• [Dataset]:
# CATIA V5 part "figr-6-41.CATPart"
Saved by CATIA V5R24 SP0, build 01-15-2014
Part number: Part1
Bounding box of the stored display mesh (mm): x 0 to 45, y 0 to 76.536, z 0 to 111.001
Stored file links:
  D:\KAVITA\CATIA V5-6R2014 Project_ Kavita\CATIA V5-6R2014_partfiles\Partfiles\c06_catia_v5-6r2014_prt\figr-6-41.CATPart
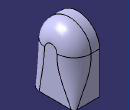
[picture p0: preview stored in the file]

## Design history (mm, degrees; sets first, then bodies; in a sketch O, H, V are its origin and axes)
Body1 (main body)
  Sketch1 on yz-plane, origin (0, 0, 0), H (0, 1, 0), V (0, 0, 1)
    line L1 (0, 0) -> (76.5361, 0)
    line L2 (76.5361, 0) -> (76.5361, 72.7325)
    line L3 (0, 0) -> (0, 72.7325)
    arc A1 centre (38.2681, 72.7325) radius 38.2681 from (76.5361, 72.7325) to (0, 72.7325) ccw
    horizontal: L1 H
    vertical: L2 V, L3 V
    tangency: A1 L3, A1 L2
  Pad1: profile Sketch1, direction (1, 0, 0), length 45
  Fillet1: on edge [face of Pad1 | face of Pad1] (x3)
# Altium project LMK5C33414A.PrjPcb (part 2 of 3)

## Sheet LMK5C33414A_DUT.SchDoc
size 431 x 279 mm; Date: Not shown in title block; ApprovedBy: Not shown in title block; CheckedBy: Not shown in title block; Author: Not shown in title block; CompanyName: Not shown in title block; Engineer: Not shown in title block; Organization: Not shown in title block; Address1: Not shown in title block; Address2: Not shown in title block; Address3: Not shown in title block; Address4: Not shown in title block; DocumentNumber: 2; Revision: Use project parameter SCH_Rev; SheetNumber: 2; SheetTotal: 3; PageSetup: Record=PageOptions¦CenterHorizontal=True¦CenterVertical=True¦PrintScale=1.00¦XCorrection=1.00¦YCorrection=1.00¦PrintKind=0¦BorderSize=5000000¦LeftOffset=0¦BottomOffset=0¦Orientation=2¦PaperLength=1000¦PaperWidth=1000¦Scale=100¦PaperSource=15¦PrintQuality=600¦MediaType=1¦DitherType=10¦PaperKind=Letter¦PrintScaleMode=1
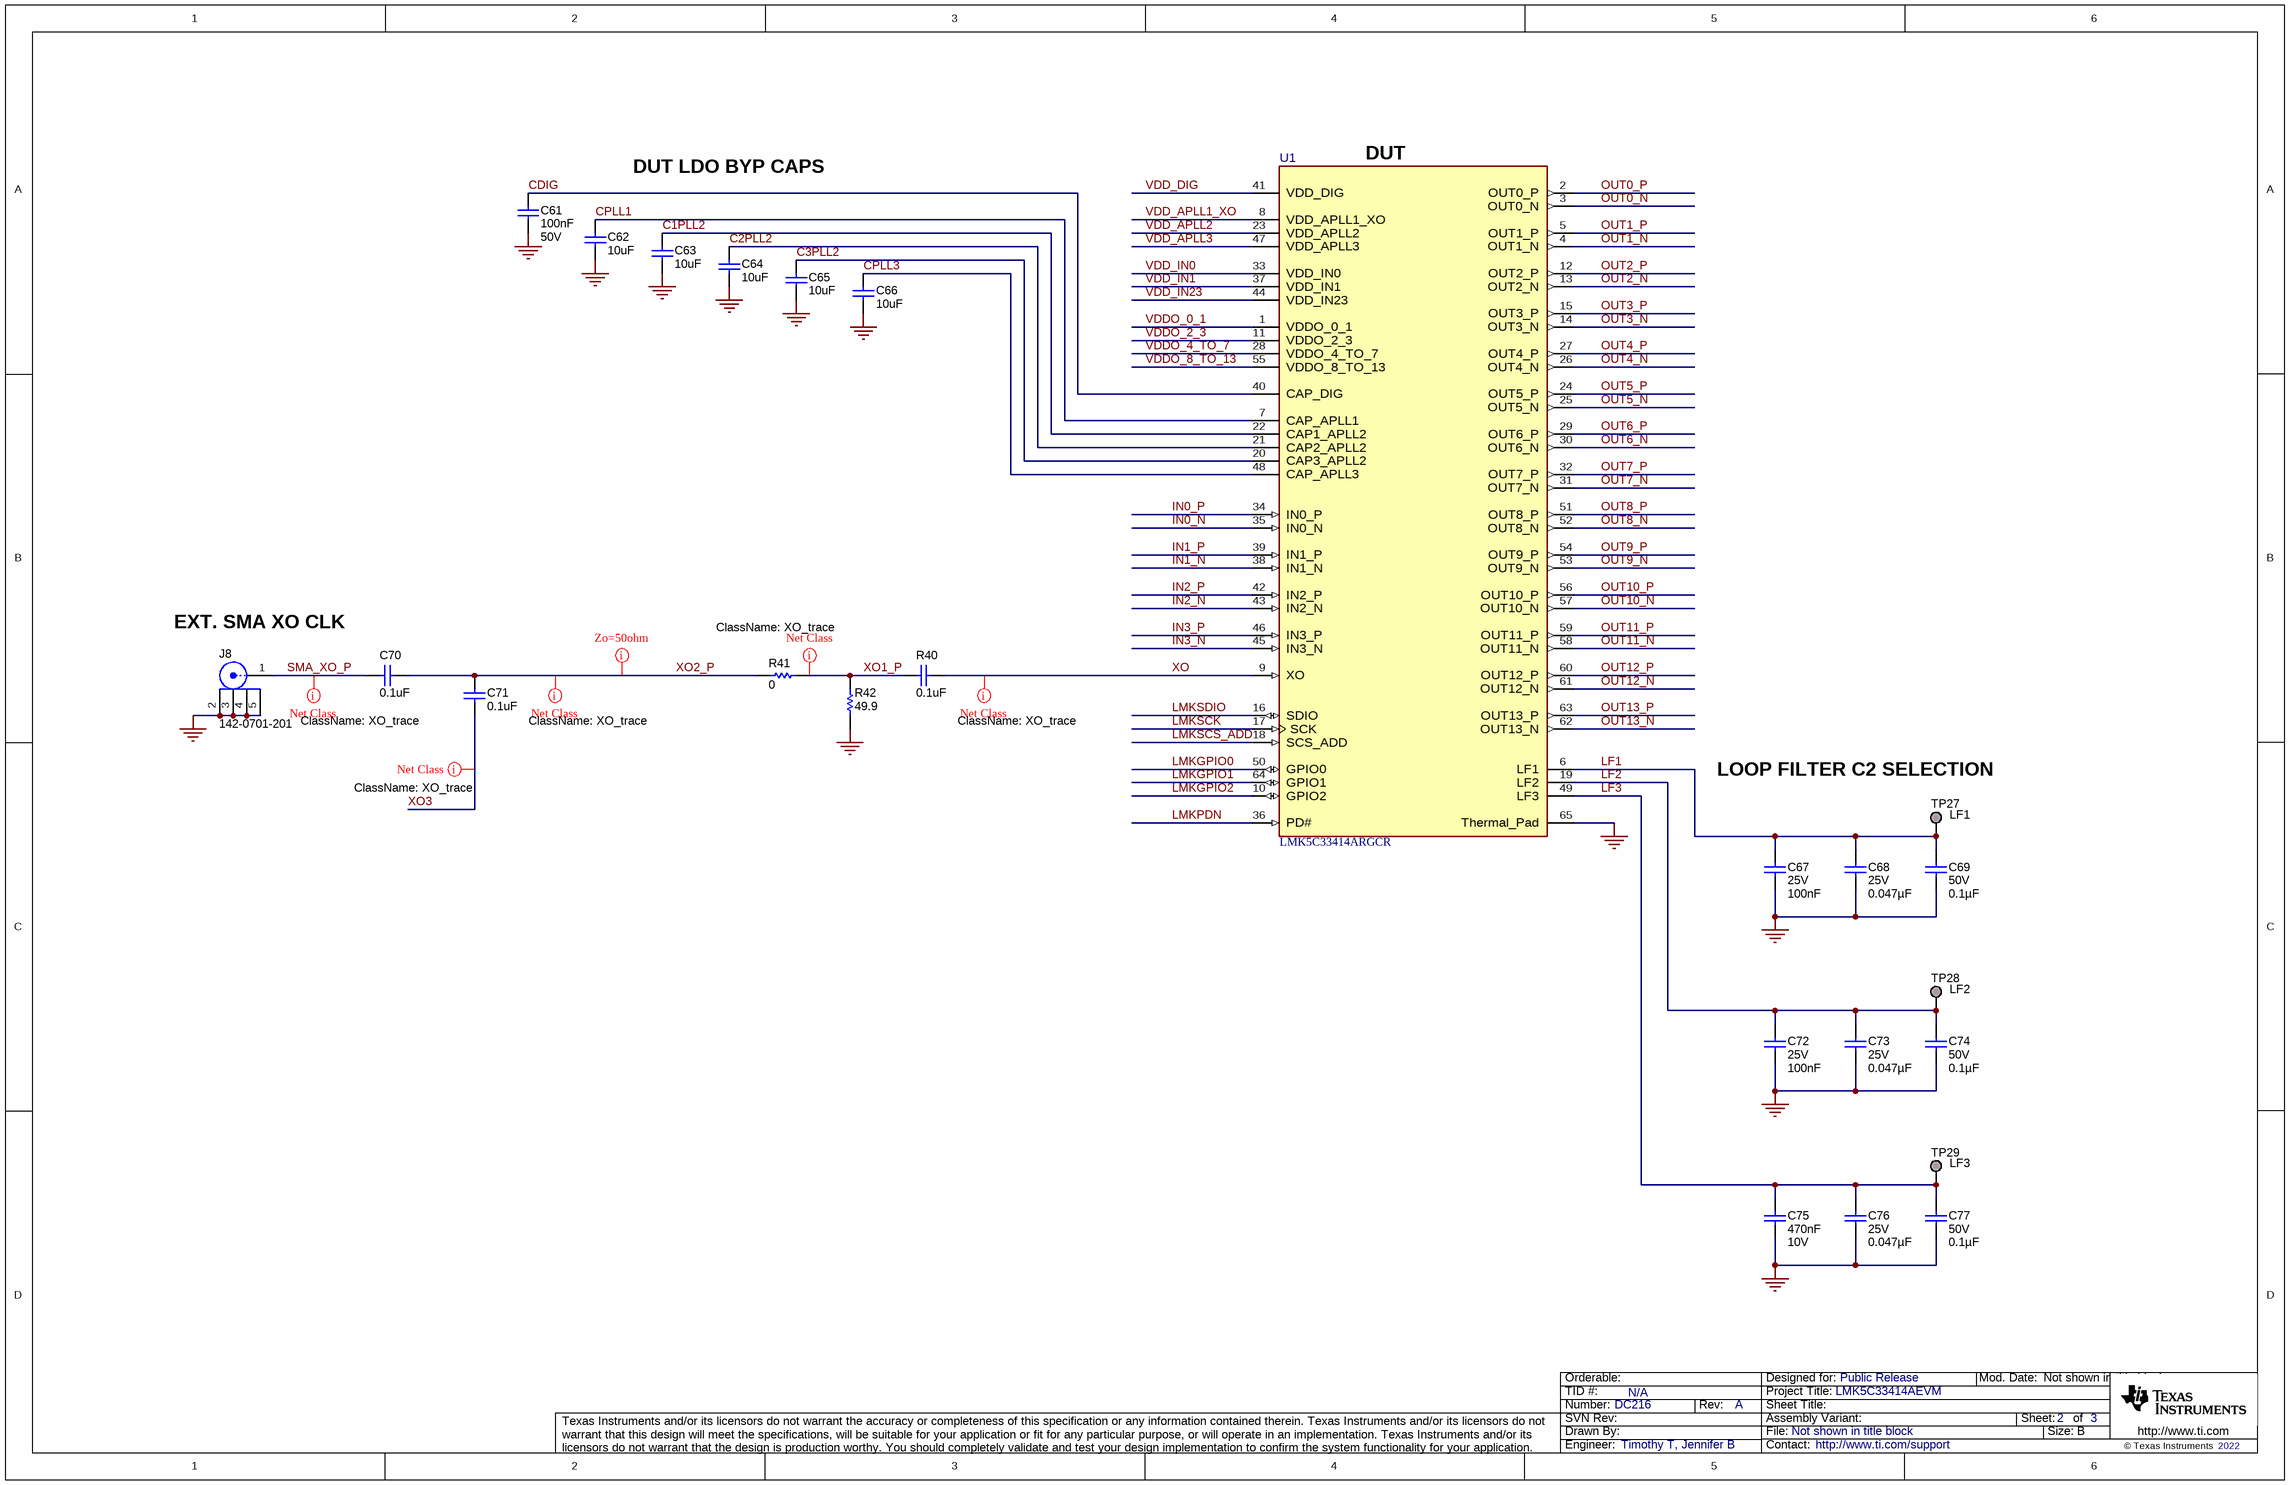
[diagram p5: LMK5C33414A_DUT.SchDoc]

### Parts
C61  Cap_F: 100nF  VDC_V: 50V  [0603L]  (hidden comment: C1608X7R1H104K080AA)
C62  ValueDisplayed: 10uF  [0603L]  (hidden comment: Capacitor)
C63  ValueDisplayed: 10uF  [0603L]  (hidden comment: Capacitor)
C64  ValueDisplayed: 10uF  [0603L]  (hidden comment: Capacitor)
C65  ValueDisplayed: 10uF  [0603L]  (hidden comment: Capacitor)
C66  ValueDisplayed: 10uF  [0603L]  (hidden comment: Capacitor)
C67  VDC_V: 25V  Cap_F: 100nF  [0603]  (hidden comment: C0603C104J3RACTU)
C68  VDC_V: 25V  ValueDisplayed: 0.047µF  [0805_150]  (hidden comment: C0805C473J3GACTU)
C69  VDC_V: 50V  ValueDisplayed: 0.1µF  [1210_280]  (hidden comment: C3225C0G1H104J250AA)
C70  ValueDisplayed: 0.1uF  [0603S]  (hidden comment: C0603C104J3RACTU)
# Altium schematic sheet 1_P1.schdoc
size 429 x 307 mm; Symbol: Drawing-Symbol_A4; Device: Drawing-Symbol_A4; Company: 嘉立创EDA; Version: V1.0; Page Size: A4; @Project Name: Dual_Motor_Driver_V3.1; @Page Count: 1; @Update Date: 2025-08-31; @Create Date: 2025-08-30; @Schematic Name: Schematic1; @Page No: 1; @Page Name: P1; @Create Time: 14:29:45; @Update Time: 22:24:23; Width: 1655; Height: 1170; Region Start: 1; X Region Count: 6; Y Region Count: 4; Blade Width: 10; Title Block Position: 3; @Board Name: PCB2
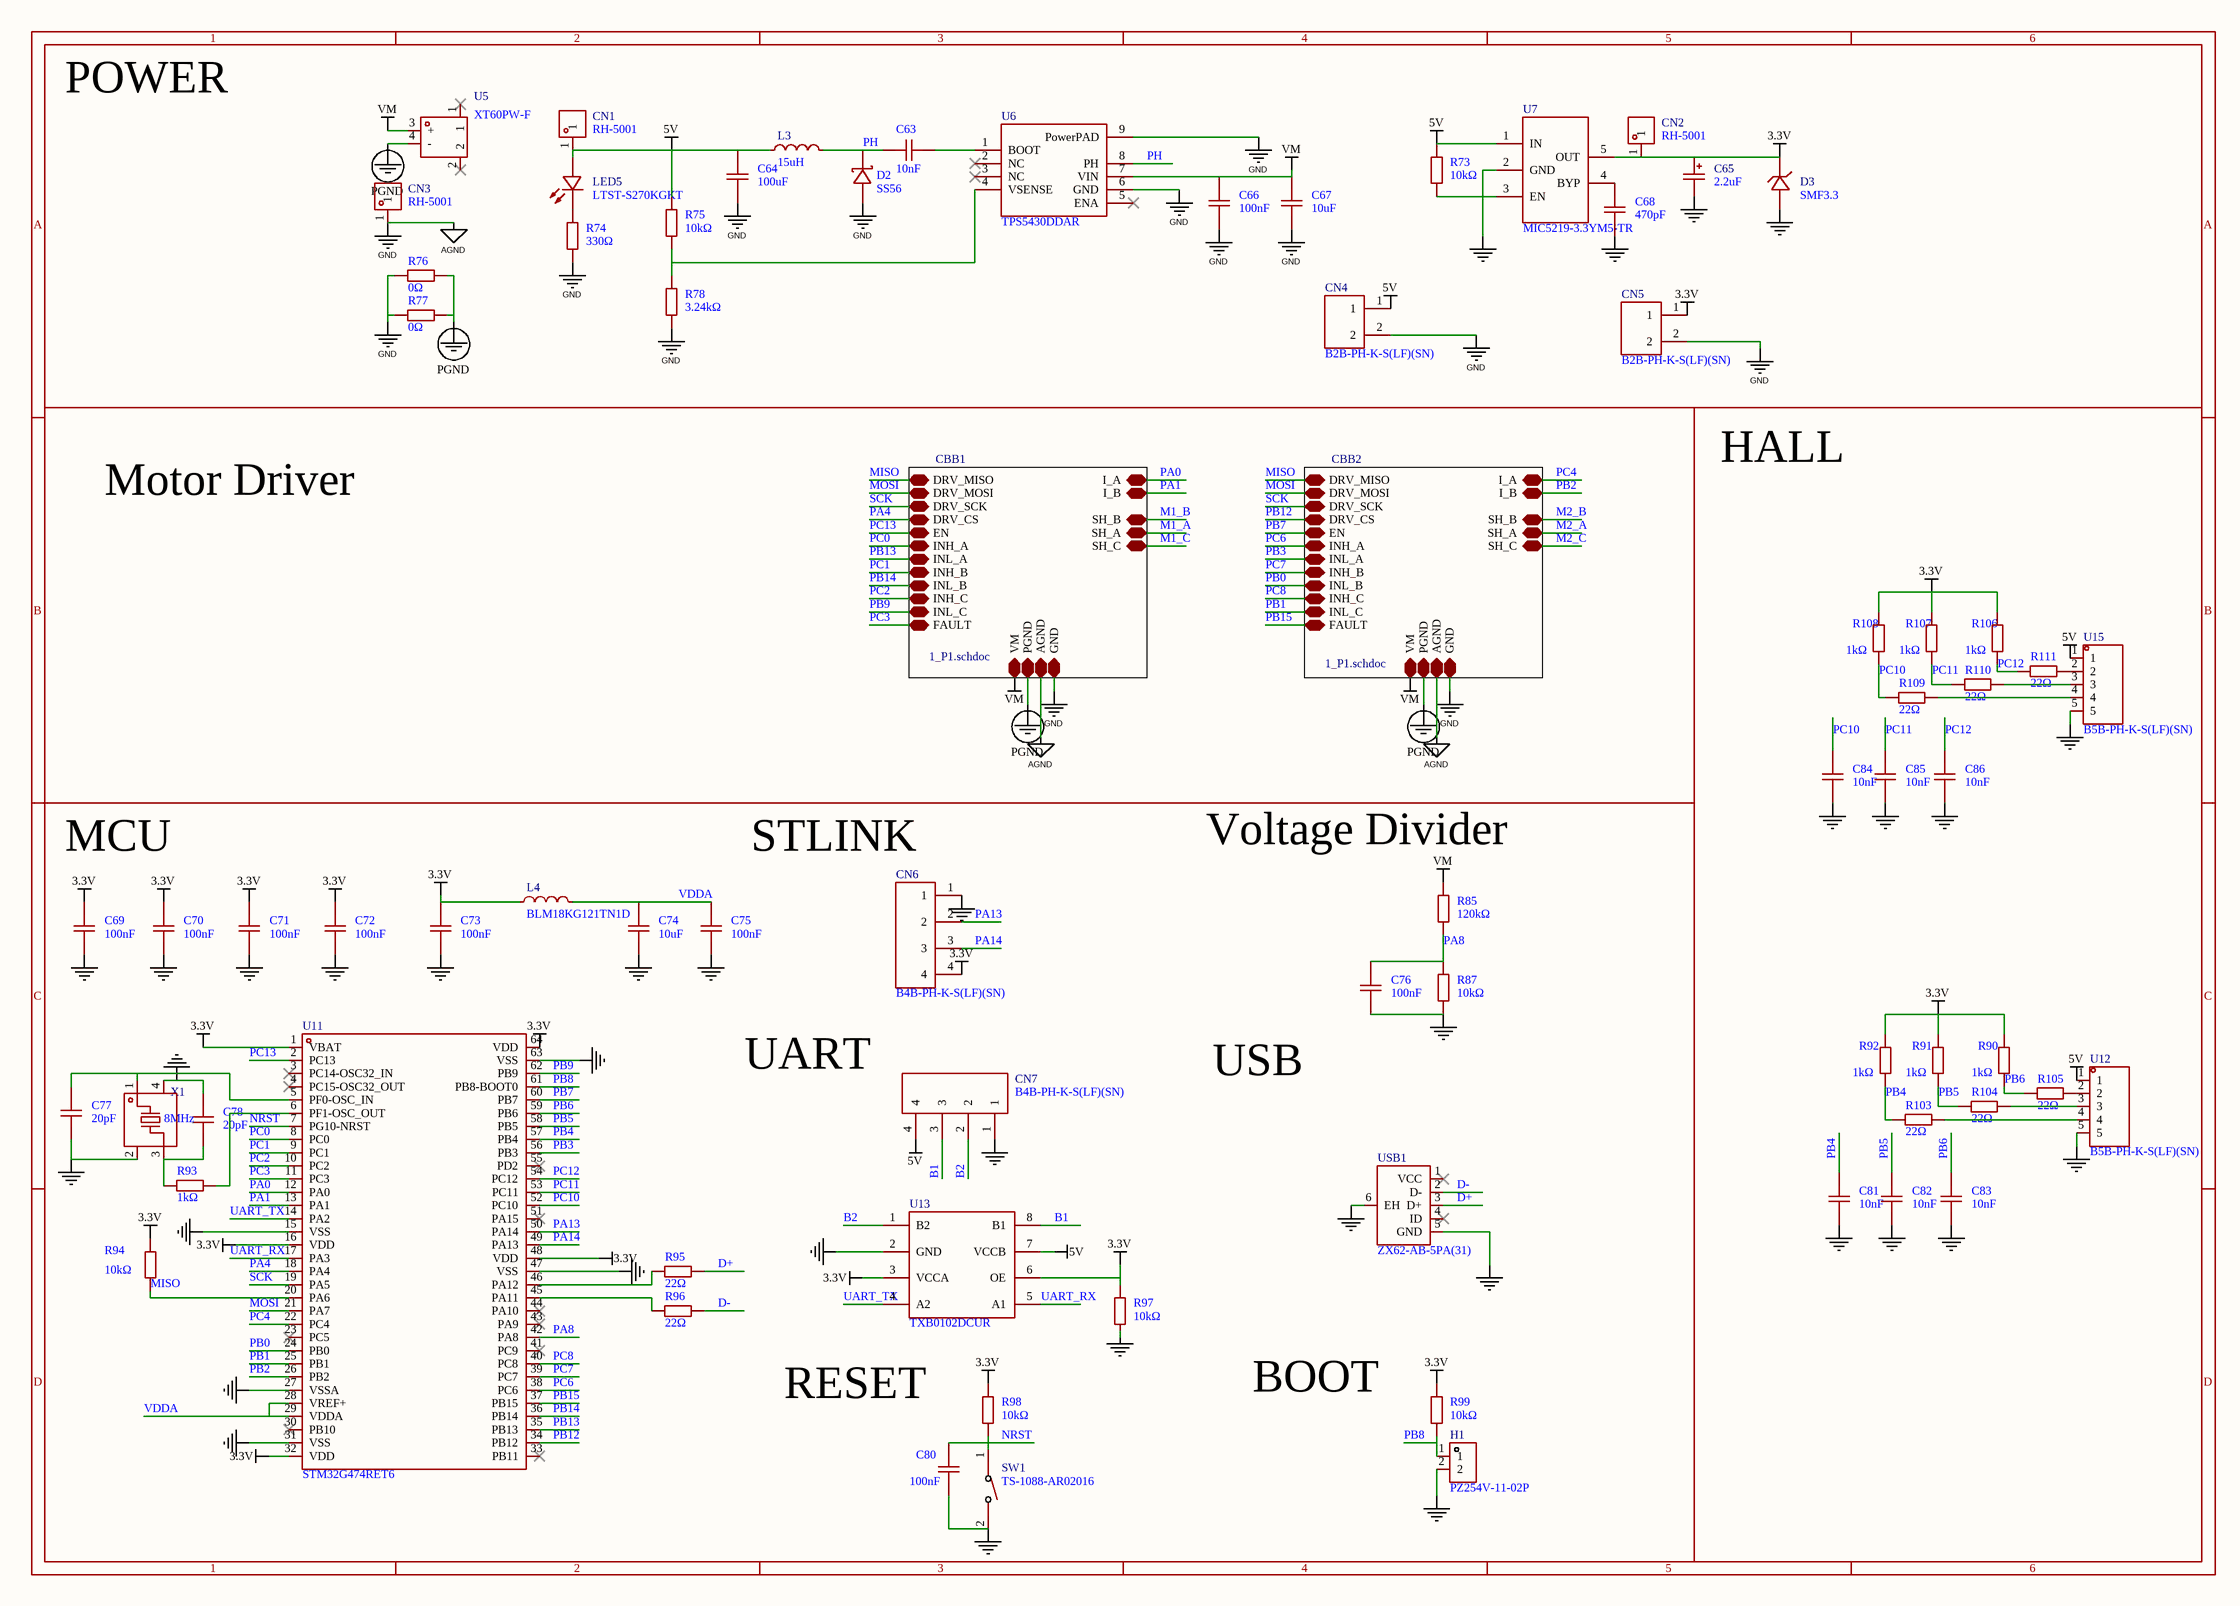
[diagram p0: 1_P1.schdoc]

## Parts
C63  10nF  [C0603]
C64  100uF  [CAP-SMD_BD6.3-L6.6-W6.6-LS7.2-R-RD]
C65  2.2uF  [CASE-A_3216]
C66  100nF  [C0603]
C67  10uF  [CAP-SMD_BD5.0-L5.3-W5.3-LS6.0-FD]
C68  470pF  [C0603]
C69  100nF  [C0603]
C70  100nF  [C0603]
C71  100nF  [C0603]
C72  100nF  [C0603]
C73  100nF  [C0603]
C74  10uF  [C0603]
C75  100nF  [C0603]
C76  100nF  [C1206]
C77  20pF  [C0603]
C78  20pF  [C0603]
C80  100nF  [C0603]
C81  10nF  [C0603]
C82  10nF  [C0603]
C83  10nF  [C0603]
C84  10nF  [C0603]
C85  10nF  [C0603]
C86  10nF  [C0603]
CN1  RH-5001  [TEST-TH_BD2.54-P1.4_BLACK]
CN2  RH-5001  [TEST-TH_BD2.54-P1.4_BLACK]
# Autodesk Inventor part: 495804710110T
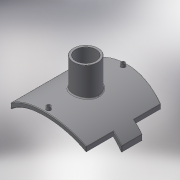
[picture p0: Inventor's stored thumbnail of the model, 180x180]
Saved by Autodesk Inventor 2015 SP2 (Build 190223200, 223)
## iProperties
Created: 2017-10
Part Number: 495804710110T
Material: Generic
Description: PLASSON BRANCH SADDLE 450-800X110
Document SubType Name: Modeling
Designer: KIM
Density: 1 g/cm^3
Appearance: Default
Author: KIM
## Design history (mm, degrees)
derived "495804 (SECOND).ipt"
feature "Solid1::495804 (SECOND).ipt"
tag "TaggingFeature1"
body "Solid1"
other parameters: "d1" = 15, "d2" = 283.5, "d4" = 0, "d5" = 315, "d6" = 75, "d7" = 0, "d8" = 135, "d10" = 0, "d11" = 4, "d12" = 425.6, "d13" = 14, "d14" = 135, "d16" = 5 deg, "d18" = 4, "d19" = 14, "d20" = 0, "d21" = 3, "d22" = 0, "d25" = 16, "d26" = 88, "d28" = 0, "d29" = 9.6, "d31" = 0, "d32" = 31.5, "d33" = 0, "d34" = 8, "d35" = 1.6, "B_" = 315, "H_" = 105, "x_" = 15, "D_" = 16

• [Task directions]: Copy here each line of the preceding records with "diagram" in it.

• [Solution for this exercise]:
[diagram p5: LMK5C33414A_DUT.SchDoc]
[diagram p0: 1_P1.schdoc]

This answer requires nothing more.